START Dataset records
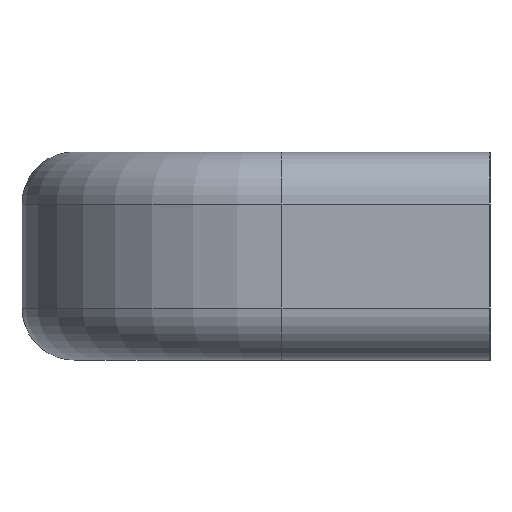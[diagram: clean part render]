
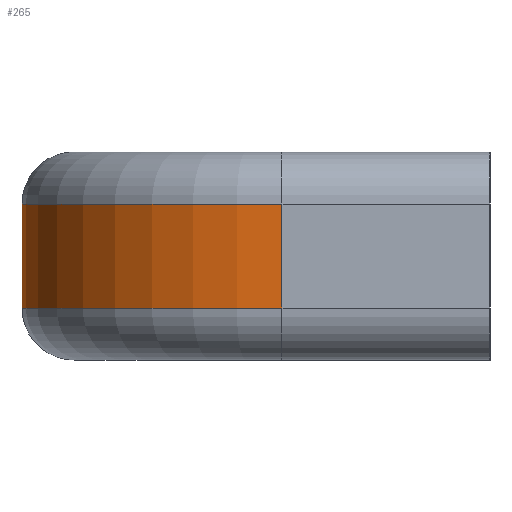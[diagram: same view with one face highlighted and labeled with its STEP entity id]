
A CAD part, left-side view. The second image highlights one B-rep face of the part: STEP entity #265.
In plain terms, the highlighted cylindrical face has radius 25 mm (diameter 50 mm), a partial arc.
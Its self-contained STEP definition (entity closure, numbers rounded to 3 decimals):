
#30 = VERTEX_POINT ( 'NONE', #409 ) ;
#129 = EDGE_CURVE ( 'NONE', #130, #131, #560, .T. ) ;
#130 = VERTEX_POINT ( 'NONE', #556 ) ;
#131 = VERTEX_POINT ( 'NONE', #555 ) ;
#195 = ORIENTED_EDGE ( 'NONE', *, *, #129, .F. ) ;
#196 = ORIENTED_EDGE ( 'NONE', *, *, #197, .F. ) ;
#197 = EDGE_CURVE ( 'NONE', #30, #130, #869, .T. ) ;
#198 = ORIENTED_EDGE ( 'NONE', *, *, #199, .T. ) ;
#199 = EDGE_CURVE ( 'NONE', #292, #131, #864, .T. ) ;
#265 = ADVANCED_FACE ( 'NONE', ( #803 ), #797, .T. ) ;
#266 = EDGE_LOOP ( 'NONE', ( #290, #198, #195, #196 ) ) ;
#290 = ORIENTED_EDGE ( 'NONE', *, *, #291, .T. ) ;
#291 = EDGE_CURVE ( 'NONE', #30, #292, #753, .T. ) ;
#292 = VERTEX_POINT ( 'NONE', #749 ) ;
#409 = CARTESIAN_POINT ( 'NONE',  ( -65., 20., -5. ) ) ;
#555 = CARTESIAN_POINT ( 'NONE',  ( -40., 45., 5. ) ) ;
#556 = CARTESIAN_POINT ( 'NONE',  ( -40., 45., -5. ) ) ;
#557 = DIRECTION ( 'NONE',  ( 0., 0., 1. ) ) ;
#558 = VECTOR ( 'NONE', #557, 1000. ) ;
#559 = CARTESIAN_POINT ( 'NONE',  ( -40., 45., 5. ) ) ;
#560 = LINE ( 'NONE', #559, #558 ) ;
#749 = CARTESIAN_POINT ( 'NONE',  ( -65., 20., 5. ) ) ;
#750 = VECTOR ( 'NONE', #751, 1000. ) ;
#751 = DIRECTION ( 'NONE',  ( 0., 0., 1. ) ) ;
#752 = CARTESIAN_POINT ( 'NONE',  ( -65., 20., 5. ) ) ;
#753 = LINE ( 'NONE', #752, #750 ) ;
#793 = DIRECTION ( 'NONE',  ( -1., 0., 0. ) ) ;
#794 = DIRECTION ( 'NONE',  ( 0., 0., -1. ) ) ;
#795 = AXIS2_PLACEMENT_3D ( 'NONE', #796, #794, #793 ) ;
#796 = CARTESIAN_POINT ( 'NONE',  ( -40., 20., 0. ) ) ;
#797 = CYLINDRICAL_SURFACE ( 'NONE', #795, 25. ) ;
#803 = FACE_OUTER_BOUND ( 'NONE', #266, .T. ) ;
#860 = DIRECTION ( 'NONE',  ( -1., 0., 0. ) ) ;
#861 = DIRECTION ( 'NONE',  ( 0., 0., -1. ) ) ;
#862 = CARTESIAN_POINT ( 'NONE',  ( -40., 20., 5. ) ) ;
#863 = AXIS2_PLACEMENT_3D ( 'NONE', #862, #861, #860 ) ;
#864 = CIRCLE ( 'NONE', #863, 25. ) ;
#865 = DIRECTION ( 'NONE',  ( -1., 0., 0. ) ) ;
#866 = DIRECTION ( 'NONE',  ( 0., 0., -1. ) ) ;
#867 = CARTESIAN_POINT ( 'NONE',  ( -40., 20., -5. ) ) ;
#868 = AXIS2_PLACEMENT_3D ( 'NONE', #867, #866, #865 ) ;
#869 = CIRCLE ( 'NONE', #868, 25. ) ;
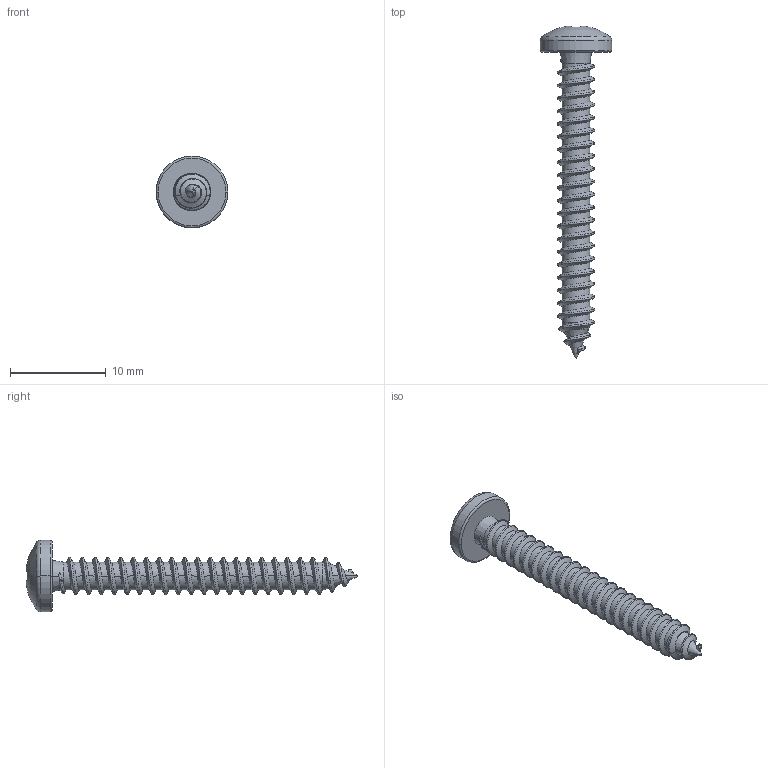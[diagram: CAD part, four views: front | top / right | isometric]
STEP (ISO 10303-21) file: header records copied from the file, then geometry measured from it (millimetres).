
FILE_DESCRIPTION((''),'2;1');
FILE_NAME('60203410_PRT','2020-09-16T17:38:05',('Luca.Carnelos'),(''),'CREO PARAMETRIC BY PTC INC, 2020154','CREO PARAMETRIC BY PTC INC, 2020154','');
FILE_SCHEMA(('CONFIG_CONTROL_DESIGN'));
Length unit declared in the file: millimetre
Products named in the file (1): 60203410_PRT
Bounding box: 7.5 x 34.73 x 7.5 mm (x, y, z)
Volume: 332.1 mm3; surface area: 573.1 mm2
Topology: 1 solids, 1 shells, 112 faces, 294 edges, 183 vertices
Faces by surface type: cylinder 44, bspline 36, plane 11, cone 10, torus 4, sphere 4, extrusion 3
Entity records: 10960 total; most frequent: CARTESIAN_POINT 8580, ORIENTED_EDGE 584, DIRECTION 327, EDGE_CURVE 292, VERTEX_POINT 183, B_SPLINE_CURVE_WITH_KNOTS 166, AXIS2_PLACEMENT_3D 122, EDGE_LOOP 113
END Dataset records
Copy each line above exactly, with no images.

# Solution for this problem
[diagram: clean part render]
[diagram: same view with one face highlighted and labeled with its STEP entity id]
A CAD part, left-side view. The second image highlights one B-rep face of the part: STEP entity #265.
In plain terms, the highlighted cylindrical face has radius 25 mm (diameter 50 mm), a partial arc.
Its self-contained STEP definition (entity closure, numbers rounded to 3 decimals):
#30 = VERTEX_POINT ( 'NONE', #409 ) ;
#129 = EDGE_CURVE ( 'NONE', #130, #131, #560, .T. ) ;
#130 = VERTEX_POINT ( 'NONE', #556 ) ;
#131 = VERTEX_POINT ( 'NONE', #555 ) ;
#195 = ORIENTED_EDGE ( 'NONE', *, *, #129, .F. ) ;
#196 = ORIENTED_EDGE ( 'NONE', *, *, #197, .F. ) ;
#197 = EDGE_CURVE ( 'NONE', #30, #130, #869, .T. ) ;
#198 = ORIENTED_EDGE ( 'NONE', *, *, #199, .T. ) ;
#199 = EDGE_CURVE ( 'NONE', #292, #131, #864, .T. ) ;
#265 = ADVANCED_FACE ( 'NONE', ( #803 ), #797, .T. ) ;
#266 = EDGE_LOOP ( 'NONE', ( #290, #198, #195, #196 ) ) ;
#290 = ORIENTED_EDGE ( 'NONE', *, *, #291, .T. ) ;
#291 = EDGE_CURVE ( 'NONE', #30, #292, #753, .T. ) ;
#292 = VERTEX_POINT ( 'NONE', #749 ) ;
#409 = CARTESIAN_POINT ( 'NONE',  ( -65., 20., -5. ) ) ;
#555 = CARTESIAN_POINT ( 'NONE',  ( -40., 45., 5. ) ) ;
#556 = CARTESIAN_POINT ( 'NONE',  ( -40., 45., -5. ) ) ;
#557 = DIRECTION ( 'NONE',  ( 0., 0., 1. ) ) ;
#558 = VECTOR ( 'NONE', #557, 1000. ) ;
#559 = CARTESIAN_POINT ( 'NONE',  ( -40., 45., 5. ) ) ;
#560 = LINE ( 'NONE', #559, #558 ) ;
#749 = CARTESIAN_POINT ( 'NONE',  ( -65., 20., 5. ) ) ;
#750 = VECTOR ( 'NONE', #751, 1000. ) ;
#751 = DIRECTION ( 'NONE',  ( 0., 0., 1. ) ) ;
#752 = CARTESIAN_POINT ( 'NONE',  ( -65., 20., 5. ) ) ;
#753 = LINE ( 'NONE', #752, #750 ) ;
#793 = DIRECTION ( 'NONE',  ( -1., 0., 0. ) ) ;
#794 = DIRECTION ( 'NONE',  ( 0., 0., -1. ) ) ;
#795 = AXIS2_PLACEMENT_3D ( 'NONE', #796, #794, #793 ) ;
#796 = CARTESIAN_POINT ( 'NONE',  ( -40., 20., 0. ) ) ;
#797 = CYLINDRICAL_SURFACE ( 'NONE', #795, 25. ) ;
#803 = FACE_OUTER_BOUND ( 'NONE', #266, .T. ) ;
#860 = DIRECTION ( 'NONE',  ( -1., 0., 0. ) ) ;
#861 = DIRECTION ( 'NONE',  ( 0., 0., -1. ) ) ;
#862 = CARTESIAN_POINT ( 'NONE',  ( -40., 20., 5. ) ) ;
#863 = AXIS2_PLACEMENT_3D ( 'NONE', #862, #861, #860 ) ;
#864 = CIRCLE ( 'NONE', #863, 25. ) ;
#865 = DIRECTION ( 'NONE',  ( -1., 0., 0. ) ) ;
#866 = DIRECTION ( 'NONE',  ( 0., 0., -1. ) ) ;
#867 = CARTESIAN_POINT ( 'NONE',  ( -40., 20., -5. ) ) ;
#868 = AXIS2_PLACEMENT_3D ( 'NONE', #867, #866, #865 ) ;
#869 = CIRCLE ( 'NONE', #868, 25. ) ;
[diagram: CAD part, four views: front | top / right | isometric]
STEP (ISO 10303-21) file: header records copied from the file, then geometry measured from it (millimetres).
FILE_DESCRIPTION((''),'2;1');
FILE_NAME('60203410_PRT','2020-09-16T17:38:05',('Luca.Carnelos'),(''),'CREO PARAMETRIC BY PTC INC, 2020154','CREO PARAMETRIC BY PTC INC, 2020154','');
FILE_SCHEMA(('CONFIG_CONTROL_DESIGN'));
Length unit declared in the file: millimetre
Products named in the file (1): 60203410_PRT
Bounding box: 7.5 x 34.73 x 7.5 mm (x, y, z)
Volume: 332.1 mm3; surface area: 573.1 mm2
Topology: 1 solids, 1 shells, 112 faces, 294 edges, 183 vertices
Faces by surface type: cylinder 44, bspline 36, plane 11, cone 10, torus 4, sphere 4, extrusion 3
Entity records: 10960 total; most frequent: CARTESIAN_POINT 8580, ORIENTED_EDGE 584, DIRECTION 327, EDGE_CURVE 292, VERTEX_POINT 183, B_SPLINE_CURVE_WITH_KNOTS 166, AXIS2_PLACEMENT_3D 122, EDGE_LOOP 113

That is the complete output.